In Trance, la recensione

Simon lavora in una casa d’aste, dove preziosissime opera d’arte sono sotto i suoi occhi quotidianamente. Deciso a dare una svolta alla sua vita, l’uomo decide di aiutare una gag criminale a trafugare un dipinto di Goya, Streghe in aria, ma la sfortuna vuole che durante il colpo Simon venga colpito alla testa, il che gli provoca la perdita dei sensi, il ricovero in ospedale e una piccola perdita della memoria… però piccola in modo sufficiente da non fargli più ricordare dove ha nascosto il dipinto rubato. Convinto che voglia imbrogliarlo, il capobanda Franck tortura Simon, ma quando si rende conto che l’uomo davvero ha perso la memoria, lo costringe ad andare in terapia dalla dottoressa Elizabeth Lamb per farsi ipnotizzare e cercare così di carpire la preziosa informazione. Ma nel momento in cui la dottoressa Lamb comincia le sedute ipnotiche i ricordi di Simon cominciano a intrecciarsi, così come il confine tra realtà e immaginato.

Danny Boyle torna a colpire con un film che parla di alterazione mentale, anche se questa volta non si tratta dell’azione di droghe sintetiche come in Trainspotting ne degli influssi psico-percettivi dell’atmosfera spaziale come accadeva in Sunshine, bensì degli intricati trabocchetti di cui la stessa mente umana può riempirsi. Trappole auto-indotte come forma di difesa o complesse scatole cinesi costruite ad arte per “far dimenticare”.
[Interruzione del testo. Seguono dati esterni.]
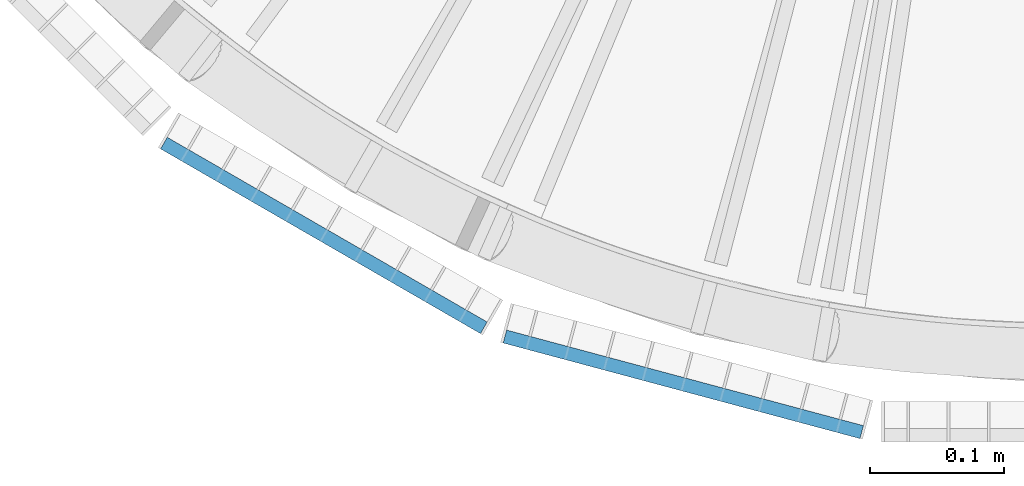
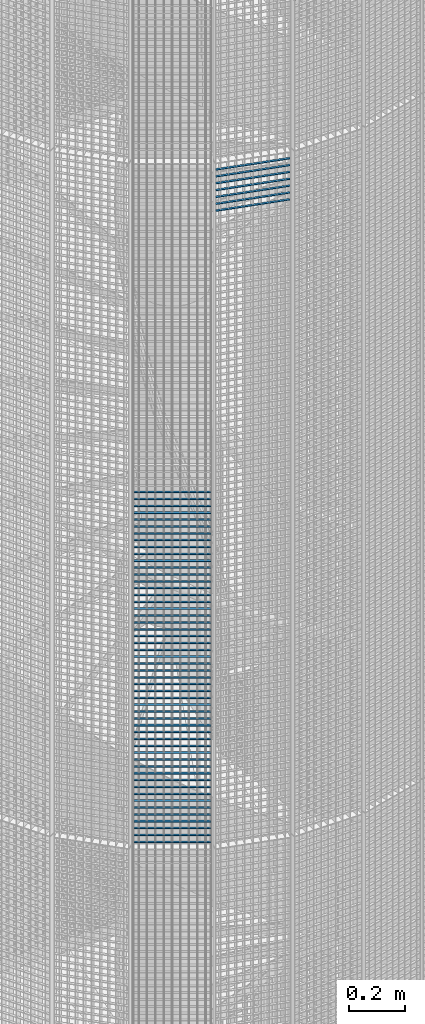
# One storey, part 351 of 1183: 59 beams, 2 elements without a shape of their own.
"""IFC2X3 building model written with IfcOpenShell, lengths in millimetres."""

from ifc_helpers import new_model, si_unit, frame, origin_with_axes, origin_2d_with_axis, place, context, subcontext, project, spatial, rectangle, extrude, material, type_object, element, aggregate, save


model = new_model("IFC2X3")

# Units and contexts
model_context = context("Model", 3, precision=1e-05, world=origin_with_axes())
body_context = subcontext(model_context, "Body", "Model", "MODEL_VIEW")
ifc_project = project(units=[si_unit("LENGTHUNIT", "METRE", prefix="MILLI"), si_unit("AREAUNIT", "SQUARE_METRE"), si_unit("VOLUMEUNIT", "CUBIC_METRE"), si_unit("MASSUNIT", "GRAM", prefix="KILO"), si_unit("TIMEUNIT", "SECOND"), si_unit("PLANEANGLEUNIT", "RADIAN"), si_unit("SOLIDANGLEUNIT", "STERADIAN"), si_unit("THERMODYNAMICTEMPERATUREUNIT", "DEGREE_CELSIUS"), si_unit("LUMINOUSINTENSITYUNIT", "LUMEN")], contexts=[model_context])

# Site, building, storey
site_placement = place(None, origin_with_axes())
site = spatial("IfcSite", under=ifc_project, at=site_placement, Name="Undefined", CompositionType="ELEMENT")
building_placement = place(site_placement, origin_with_axes())
building = spatial("IfcBuilding", under=site, at=building_placement, Name="Undefined", CompositionType="ELEMENT")
storey_placement = place(building_placement, origin_with_axes())
storey = spatial("IfcBuildingStorey", under=building, at=storey_placement, Name="Undefined", CompositionType="ELEMENT", Elevation=0.0)

# Assembly, beams
assembly_1_placement = place(storey_placement, origin_with_axes())
assembly_1 = element("IfcElementAssembly", 1, at=assembly_1_placement, inside=storey, Name="BORDURE", AssemblyPlace="NOTDEFINED", PredefinedType="NOTDEFINED")
ifc_material = material(Name="STEEL/S235JR")
beam_type = type_object("IfcBeamType", Name="PL2*10", PredefinedType="NOTDEFINED")
beam_1_placement = place(assembly_1_placement, frame((21162.7680445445, -1033.29996828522, 13560.0), z_axis=(-0.49999999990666, -0.866025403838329, 0.0), x_axis=(-0.866025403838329, 0.499999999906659, 0.0)))
beam_1 = element("IfcBeam", 2, at=beam_1_placement, type_object=beam_type, material=ifc_material, Name="ENTRETOISE", context=body_context, shape_type="SweptSolid", body=[
    extrude(rectangle(XDim=2.0, YDim=10.0, at=origin_2d_with_axis()), frame((275.999999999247, 9.09494701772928e-13, 1.53210777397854e-14), z_axis=(-1.0, 0.0, 0.0), x_axis=(0.0, -1.0, 0.0)), (0.0, 0.0, 1.0), 276.0),
])
beam_2_placement = place(assembly_1_placement, frame((21162.7680445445, -1033.29996828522, 13530.0), z_axis=(-0.49999999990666, -0.866025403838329, 0.0), x_axis=(-0.866025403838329, 0.499999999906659, 0.0)))
beam_2 = element("IfcBeam", 3, at=beam_2_placement, type_object=beam_type, material=ifc_material, Name="ENTRETOISE", context=body_context, shape_type="SweptSolid", body=[
    extrude(rectangle(XDim=2.0, YDim=10.0, at=origin_2d_with_axis()), frame((275.999999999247, 9.09494701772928e-13, 1.53210777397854e-14), z_axis=(-1.0, 0.0, 0.0), x_axis=(0.0, -1.0, 0.0)), (0.0, 0.0, 1.0), 276.0),
])
beam_3_placement = place(assembly_1_placement, frame((21162.7680445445, -1033.29996828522, 13500.0), z_axis=(-0.49999999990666, -0.866025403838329, 0.0), x_axis=(-0.866025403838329, 0.499999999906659, 0.0)))
beam_3 = element("IfcBeam", 4, at=beam_3_placement, type_object=beam_type, material=ifc_material, Name="ENTRETOISE", context=body_context, shape_type="SweptSolid", body=[
    extrude(rectangle(XDim=2.0, YDim=10.0, at=origin_2d_with_axis()), frame((275.999999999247, 9.09494701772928e-13, 1.53210777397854e-14), z_axis=(-1.0, 0.0, 0.0), x_axis=(0.0, -1.0, 0.0)), (0.0, 0.0, 1.0), 276.0),
])
beam_4_placement = place(assembly_1_placement, frame((21162.7680445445, -1033.29996828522, 13470.0), z_axis=(-0.49999999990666, -0.866025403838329, 0.0), x_axis=(-0.866025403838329, 0.499999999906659, 0.0)))
beam_4 = element("IfcBeam", 5, at=beam_4_placement, type_object=beam_type, material=ifc_material, Name="ENTRETOISE", context=body_context, shape_type="SweptSolid", body=[
    extrude(rectangle(XDim=2.0, YDim=10.0, at=origin_2d_with_axis()), frame((275.999999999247, 9.09494701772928e-13, 1.53210777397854e-14), z_axis=(-1.0, 0.0, 0.0), x_axis=(0.0, -1.0, 0.0)), (0.0, 0.0, 1.0), 276.0),
])
beam_5_placement = place(assembly_1_placement, frame((21162.7680445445, -1033.29996828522, 13440.0), z_axis=(-0.49999999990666, -0.866025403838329, 0.0), x_axis=(-0.866025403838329, 0.499999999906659, 0.0)))
beam_5 = element("IfcBeam", 6, at=beam_5_placement, type_object=beam_type, material=ifc_material, Name="ENTRETOISE", context=body_context, shape_type="SweptSolid", body=[
    extrude(rectangle(XDim=2.0, YDim=10.0, at=origin_2d_with_axis()), frame((275.999999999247, 9.09494701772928e-13, 1.53210777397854e-14), z_axis=(-1.0, 0.0, 0.0), x_axis=(0.0, -1.0, 0.0)), (0.0, 0.0, 1.0), 276.0),
])
beam_6_placement = place(assembly_1_placement, frame((21162.7680445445, -1033.29996828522, 13410.0), z_axis=(-0.49999999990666, -0.866025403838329, 0.0), x_axis=(-0.866025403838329, 0.499999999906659, 0.0)))
beam_6 = element("IfcBeam", 7, at=beam_6_placement, type_object=beam_type, material=ifc_material, Name="ENTRETOISE", context=body_context, shape_type="SweptSolid", body=[
    extrude(rectangle(XDim=2.0, YDim=10.0, at=origin_2d_with_axis()), frame((275.999999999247, 9.09494701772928e-13, 1.53210777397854e-14), z_axis=(-1.0, 0.0, 0.0), x_axis=(0.0, -1.0, 0.0)), (0.0, 0.0, 1.0), 276.0),
])
beam_7_placement = place(assembly_1_placement, frame((21162.7680445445, -1033.29996828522, 13380.0), z_axis=(-0.49999999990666, -0.866025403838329, 0.0), x_axis=(-0.866025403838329, 0.499999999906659, 0.0)))
beam_7 = element("IfcBeam", 8, at=beam_7_placement, type_object=beam_type, material=ifc_material, Name="ENTRETOISE", context=body_context, shape_type="SweptSolid", body=[
    extrude(rectangle(XDim=2.0, YDim=10.0, at=origin_2d_with_axis()), frame((275.999999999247, 9.09494701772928e-13, 1.53210777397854e-14), z_axis=(-1.0, 0.0, 0.0), x_axis=(0.0, -1.0, 0.0)), (0.0, 0.0, 1.0), 276.0),
])
beam_8_placement = place(assembly_1_placement, frame((21162.7680445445, -1033.29996828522, 13350.0), z_axis=(-0.49999999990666, -0.866025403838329, 0.0), x_axis=(-0.866025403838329, 0.499999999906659, 0.0)))
beam_8 = element("IfcBeam", 9, at=beam_8_placement, type_object=beam_type, material=ifc_material, Name="ENTRETOISE", context=body_context, shape_type="SweptSolid", body=[
    extrude(rectangle(XDim=2.0, YDim=10.0, at=origin_2d_with_axis()), frame((275.999999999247, 9.09494701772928e-13, 1.53210777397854e-14), z_axis=(-1.0, 0.0, 0.0), x_axis=(0.0, -1.0, 0.0)), (0.0, 0.0, 1.0), 276.0),
])
beam_9_placement = place(assembly_1_placement, frame((21162.7680445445, -1033.29996828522, 13320.0), z_axis=(-0.49999999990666, -0.866025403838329, 0.0), x_axis=(-0.866025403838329, 0.499999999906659, 0.0)))
beam_9 = element("IfcBeam", 10, at=beam_9_placement, type_object=beam_type, material=ifc_material, Name="ENTRETOISE", context=body_context, shape_type="SweptSolid", body=[
    extrude(rectangle(XDim=2.0, YDim=10.0, at=origin_2d_with_axis()), frame((275.999999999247, 9.09494701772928e-13, 1.53210777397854e-14), z_axis=(-1.0, 0.0, 0.0), x_axis=(0.0, -1.0, 0.0)), (0.0, 0.0, 1.0), 276.0),
])
beam_10_placement = place(assembly_1_placement, frame((21162.7680445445, -1033.29996828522, 13290.0), z_axis=(-0.49999999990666, -0.866025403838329, 0.0), x_axis=(-0.866025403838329, 0.499999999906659, 0.0)))
beam_10 = element("IfcBeam", 11, at=beam_10_placement, type_object=beam_type, material=ifc_material, Name="ENTRETOISE", context=body_context, shape_type="SweptSolid", body=[
    extrude(rectangle(XDim=2.0, YDim=10.0, at=origin_2d_with_axis()), frame((275.999999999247, 9.09494701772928e-13, 1.53210777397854e-14), z_axis=(-1.0, 0.0, 0.0), x_axis=(0.0, -1.0, 0.0)), (0.0, 0.0, 1.0), 276.0),
])
beam_11_placement = place(assembly_1_placement, frame((21162.7680445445, -1033.29996828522, 13260.0), z_axis=(-0.49999999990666, -0.866025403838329, 0.0), x_axis=(-0.866025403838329, 0.499999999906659, 0.0)))
beam_11 = element("IfcBeam", 12, at=beam_11_placement, type_object=beam_type, material=ifc_material, Name="ENTRETOISE", context=body_context, shape_type="SweptSolid", body=[
    extrude(rectangle(XDim=2.0, YDim=10.0, at=origin_2d_with_axis()), frame((275.999999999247, 9.09494701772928e-13, 1.53210777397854e-14), z_axis=(-1.0, 0.0, 0.0), x_axis=(0.0, -1.0, 0.0)), (0.0, 0.0, 1.0), 276.0),
])
beam_12_placement = place(assembly_1_placement, frame((21162.7680445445, -1033.29996828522, 13230.0), z_axis=(-0.49999999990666, -0.866025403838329, 0.0), x_axis=(-0.866025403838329, 0.499999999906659, 0.0)))
beam_12 = element("IfcBeam", 13, at=beam_12_placement, type_object=beam_type, material=ifc_material, Name="ENTRETOISE", context=body_context, shape_type="SweptSolid", body=[
    extrude(rectangle(XDim=2.0, YDim=10.0, at=origin_2d_with_axis()), frame((275.999999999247, 9.09494701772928e-13, 1.53210777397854e-14), z_axis=(-1.0, 0.0, 0.0), x_axis=(0.0, -1.0, 0.0)), (0.0, 0.0, 1.0), 276.0),
])
beam_13_placement = place(assembly_1_placement, frame((21162.7680445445, -1033.29996828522, 13200.0), z_axis=(-0.49999999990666, -0.866025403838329, 0.0), x_axis=(-0.866025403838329, 0.499999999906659, 0.0)))
beam_13 = element("IfcBeam", 14, at=beam_13_placement, type_object=beam_type, material=ifc_material, Name="ENTRETOISE", context=body_context, shape_type="SweptSolid", body=[
    extrude(rectangle(XDim=2.0, YDim=10.0, at=origin_2d_with_axis()), frame((275.999999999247, 9.09494701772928e-13, 1.53210777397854e-14), z_axis=(-1.0, 0.0, 0.0), x_axis=(0.0, -1.0, 0.0)), (0.0, 0.0, 1.0), 276.0),
])
beam_14_placement = place(assembly_1_placement, frame((21162.7680445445, -1033.29996828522, 13170.0), z_axis=(-0.49999999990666, -0.866025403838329, 0.0), x_axis=(-0.866025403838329, 0.499999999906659, 0.0)))
beam_14 = element("IfcBeam", 15, at=beam_14_placement, type_object=beam_type, material=ifc_material, Name="ENTRETOISE", context=body_context, shape_type="SweptSolid", body=[
    extrude(rectangle(XDim=2.0, YDim=10.0, at=origin_2d_with_axis()), frame((275.999999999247, 9.09494701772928e-13, 1.53210777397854e-14), z_axis=(-1.0, 0.0, 0.0), x_axis=(0.0, -1.0, 0.0)), (0.0, 0.0, 1.0), 276.0),
])
beam_15_placement = place(assembly_1_placement, frame((21162.7680445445, -1033.29996828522, 13140.0), z_axis=(-0.49999999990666, -0.866025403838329, 0.0), x_axis=(-0.866025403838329, 0.499999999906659, 0.0)))
beam_15 = element("IfcBeam", 16, at=beam_15_placement, type_object=beam_type, material=ifc_material, Name="ENTRETOISE", context=body_context, shape_type="SweptSolid", body=[
    extrude(rectangle(XDim=2.0, YDim=10.0, at=origin_2d_with_axis()), frame((275.999999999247, 9.09494701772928e-13, 1.53210777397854e-14), z_axis=(-1.0, 0.0, 0.0), x_axis=(0.0, -1.0, 0.0)), (0.0, 0.0, 1.0), 276.0),
])
beam_16_placement = place(assembly_1_placement, frame((21162.7680445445, -1033.29996828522, 12720.0), z_axis=(-0.49999999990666, -0.866025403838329, 0.0), x_axis=(-0.866025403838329, 0.499999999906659, 0.0)))
beam_16 = element("IfcBeam", 17, at=beam_16_placement, type_object=beam_type, material=ifc_material, Name="ENTRETOISE", context=body_context, shape_type="SweptSolid", body=[
    extrude(rectangle(XDim=2.0, YDim=10.0, at=origin_2d_with_axis()), frame((275.999999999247, 9.09494701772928e-13, 1.53210777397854e-14), z_axis=(-1.0, 0.0, 0.0), x_axis=(0.0, -1.0, 0.0)), (0.0, 0.0, 1.0), 276.0),
])
beam_17_placement = place(assembly_1_placement, frame((21162.7680445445, -1033.29996828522, 12690.0), z_axis=(-0.49999999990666, -0.866025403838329, 0.0), x_axis=(-0.866025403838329, 0.499999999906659, 0.0)))
beam_17 = element("IfcBeam", 18, at=beam_17_placement, type_object=beam_type, material=ifc_material, Name="ENTRETOISE", context=body_context, shape_type="SweptSolid", body=[
    extrude(rectangle(XDim=2.0, YDim=10.0, at=origin_2d_with_axis()), frame((275.999999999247, 9.09494701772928e-13, 1.53210777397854e-14), z_axis=(-1.0, 0.0, 0.0), x_axis=(0.0, -1.0, 0.0)), (0.0, 0.0, 1.0), 276.0),
])
beam_18_placement = place(assembly_1_placement, frame((21162.7680445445, -1033.29996828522, 12750.0), z_axis=(-0.49999999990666, -0.866025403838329, 0.0), x_axis=(-0.866025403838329, 0.499999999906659, 0.0)))
beam_18 = element("IfcBeam", 19, at=beam_18_placement, type_object=beam_type, material=ifc_material, Name="ENTRETOISE", context=body_context, shape_type="SweptSolid", body=[
    extrude(rectangle(XDim=2.0, YDim=10.0, at=origin_2d_with_axis()), frame((275.999999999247, 9.09494701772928e-13, 1.53210777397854e-14), z_axis=(-1.0, 0.0, 0.0), x_axis=(0.0, -1.0, 0.0)), (0.0, 0.0, 1.0), 276.0),
])
beam_19_placement = place(assembly_1_placement, frame((21162.7680445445, -1033.29996828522, 12660.0), z_axis=(-0.49999999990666, -0.866025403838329, 0.0), x_axis=(-0.866025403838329, 0.499999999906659, 0.0)))
beam_19 = element("IfcBeam", 20, at=beam_19_placement, type_object=beam_type, material=ifc_material, Name="ENTRETOISE", context=body_context, shape_type="SweptSolid", body=[
    extrude(rectangle(XDim=2.0, YDim=10.0, at=origin_2d_with_axis()), frame((275.999999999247, 9.09494701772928e-13, 1.53210777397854e-14), z_axis=(-1.0, 0.0, 0.0), x_axis=(0.0, -1.0, 0.0)), (0.0, 0.0, 1.0), 276.0),
])
beam_20_placement = place(assembly_1_placement, frame((21162.7680445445, -1033.29996828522, 12630.0), z_axis=(-0.49999999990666, -0.866025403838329, 0.0), x_axis=(-0.866025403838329, 0.499999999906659, 0.0)))
beam_20 = element("IfcBeam", 21, at=beam_20_placement, type_object=beam_type, material=ifc_material, Name="ENTRETOISE", context=body_context, shape_type="SweptSolid", body=[
    extrude(rectangle(XDim=2.0, YDim=10.0, at=origin_2d_with_axis()), frame((275.999999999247, 9.09494701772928e-13, 1.53210777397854e-14), z_axis=(-1.0, 0.0, 0.0), x_axis=(0.0, -1.0, 0.0)), (0.0, 0.0, 1.0), 276.0),
])
beam_21_placement = place(assembly_1_placement, frame((21162.7680445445, -1033.29996828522, 12780.0), z_axis=(-0.49999999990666, -0.866025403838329, 0.0), x_axis=(-0.866025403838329, 0.499999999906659, 0.0)))
beam_21 = element("IfcBeam", 22, at=beam_21_placement, type_object=beam_type, material=ifc_material, Name="ENTRETOISE", context=body_context, shape_type="SweptSolid", body=[
    extrude(rectangle(XDim=2.0, YDim=10.0, at=origin_2d_with_axis()), frame((275.999999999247, 9.09494701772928e-13, 1.53210777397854e-14), z_axis=(-1.0, 0.0, 0.0), x_axis=(0.0, -1.0, 0.0)), (0.0, 0.0, 1.0), 276.0),
])
beam_22_placement = place(assembly_1_placement, frame((21162.7680445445, -1033.29996828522, 12600.0), z_axis=(-0.49999999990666, -0.866025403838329, 0.0), x_axis=(-0.866025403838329, 0.499999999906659, 0.0)))
beam_22 = element("IfcBeam", 23, at=beam_22_placement, type_object=beam_type, material=ifc_material, Name="ENTRETOISE", context=body_context, shape_type="SweptSolid", body=[
    extrude(rectangle(XDim=2.0, YDim=10.0, at=origin_2d_with_axis()), frame((275.999999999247, 9.09494701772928e-13, 1.53210777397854e-14), z_axis=(-1.0, 0.0, 0.0), x_axis=(0.0, -1.0, 0.0)), (0.0, 0.0, 1.0), 276.0),
])
beam_23_placement = place(assembly_1_placement, frame((21162.7680445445, -1033.29996828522, 12810.0), z_axis=(-0.49999999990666, -0.866025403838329, 0.0), x_axis=(-0.866025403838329, 0.499999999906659, 0.0)))
beam_23 = element("IfcBeam", 24, at=beam_23_placement, type_object=beam_type, material=ifc_material, Name="ENTRETOISE", context=body_context, shape_type="SweptSolid", body=[
    extrude(rectangle(XDim=2.0, YDim=10.0, at=origin_2d_with_axis()), frame((275.999999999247, 9.09494701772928e-13, 1.53210777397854e-14), z_axis=(-1.0, 0.0, 0.0), x_axis=(0.0, -1.0, 0.0)), (0.0, 0.0, 1.0), 276.0),
])
beam_24_placement = place(assembly_1_placement, frame((21162.7680445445, -1033.29996828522, 12570.0), z_axis=(-0.49999999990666, -0.866025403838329, 0.0), x_axis=(-0.866025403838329, 0.499999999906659, 0.0)))
beam_24 = element("IfcBeam", 25, at=beam_24_placement, type_object=beam_type, material=ifc_material, Name="ENTRETOISE", context=body_context, shape_type="SweptSolid", body=[
    extrude(rectangle(XDim=2.0, YDim=10.0, at=origin_2d_with_axis()), frame((275.999999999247, 9.09494701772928e-13, 1.53210777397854e-14), z_axis=(-1.0, 0.0, 0.0), x_axis=(0.0, -1.0, 0.0)), (0.0, 0.0, 1.0), 276.0),
])
beam_25_placement = place(assembly_1_placement, frame((21162.7680445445, -1033.29996828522, 12540.0), z_axis=(-0.49999999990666, -0.866025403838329, 0.0), x_axis=(-0.866025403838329, 0.499999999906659, 0.0)))
beam_25 = element("IfcBeam", 26, at=beam_25_placement, type_object=beam_type, material=ifc_material, Name="ENTRETOISE", context=body_context, shape_type="SweptSolid", body=[
    extrude(rectangle(XDim=2.0, YDim=10.0, at=origin_2d_with_axis()), frame((275.999999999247, 9.09494701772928e-13, 1.53210777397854e-14), z_axis=(-1.0, 0.0, 0.0), x_axis=(0.0, -1.0, 0.0)), (0.0, 0.0, 1.0), 276.0),
])
beam_26_placement = place(assembly_1_placement, frame((21162.7680445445, -1033.29996828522, 12840.0), z_axis=(-0.49999999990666, -0.866025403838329, 0.0), x_axis=(-0.866025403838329, 0.499999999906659, 0.0)))
beam_26 = element("IfcBeam", 27, at=beam_26_placement, type_object=beam_type, material=ifc_material, Name="ENTRETOISE", context=body_context, shape_type="SweptSolid", body=[
    extrude(rectangle(XDim=2.0, YDim=10.0, at=origin_2d_with_axis()), frame((275.999999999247, 9.09494701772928e-13, 1.53210777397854e-14), z_axis=(-1.0, 0.0, 0.0), x_axis=(0.0, -1.0, 0.0)), (0.0, 0.0, 1.0), 276.0),
])
beam_27_placement = place(assembly_1_placement, frame((21162.7680445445, -1033.29996828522, 12510.0), z_axis=(-0.49999999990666, -0.866025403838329, 0.0), x_axis=(-0.866025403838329, 0.499999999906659, 0.0)))
beam_27 = element("IfcBeam", 28, at=beam_27_placement, type_object=beam_type, material=ifc_material, Name="ENTRETOISE", context=body_context, shape_type="SweptSolid", body=[
    extrude(rectangle(XDim=2.0, YDim=10.0, at=origin_2d_with_axis()), frame((275.999999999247, 9.09494701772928e-13, 1.53210777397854e-14), z_axis=(-1.0, 0.0, 0.0), x_axis=(0.0, -1.0, 0.0)), (0.0, 0.0, 1.0), 276.0),
])
beam_28_placement = place(assembly_1_placement, frame((21162.7680445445, -1033.29996828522, 12480.0), z_axis=(-0.49999999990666, -0.866025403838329, 0.0), x_axis=(-0.866025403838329, 0.499999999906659, 0.0)))
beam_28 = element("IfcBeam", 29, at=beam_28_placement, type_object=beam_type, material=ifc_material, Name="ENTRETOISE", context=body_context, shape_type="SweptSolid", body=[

Per In Trance Boyle si serve della sceneggiatura di John Hodge (che per lui ha scritto anche Piccoli omicidi tra amici, Trainspotting, Una vita esagerata e The Beach) per rielaborare il soggetto di Trance, un tv-movie inglese del 2001 di cui Boyle realizza praticamente un remake. Ma lo stile del regista di 127 ore si nota tutto, la sua verve visiva trasuda da ogni fotogramma e così quello che è un viaggio nella mente di uno smemorato si trasforma in un trip psicologico e visivo. I colori accesi, prevalentemente caldi, quasi acidi, della fotografia curata da Anthony Dod Mantle fanno parte del gioco e sprofondano progressivamente verso il delirio totale, che ad un passo dal finale si colorisce di visioni cronenberghiane dallo spiccato piglio splatter.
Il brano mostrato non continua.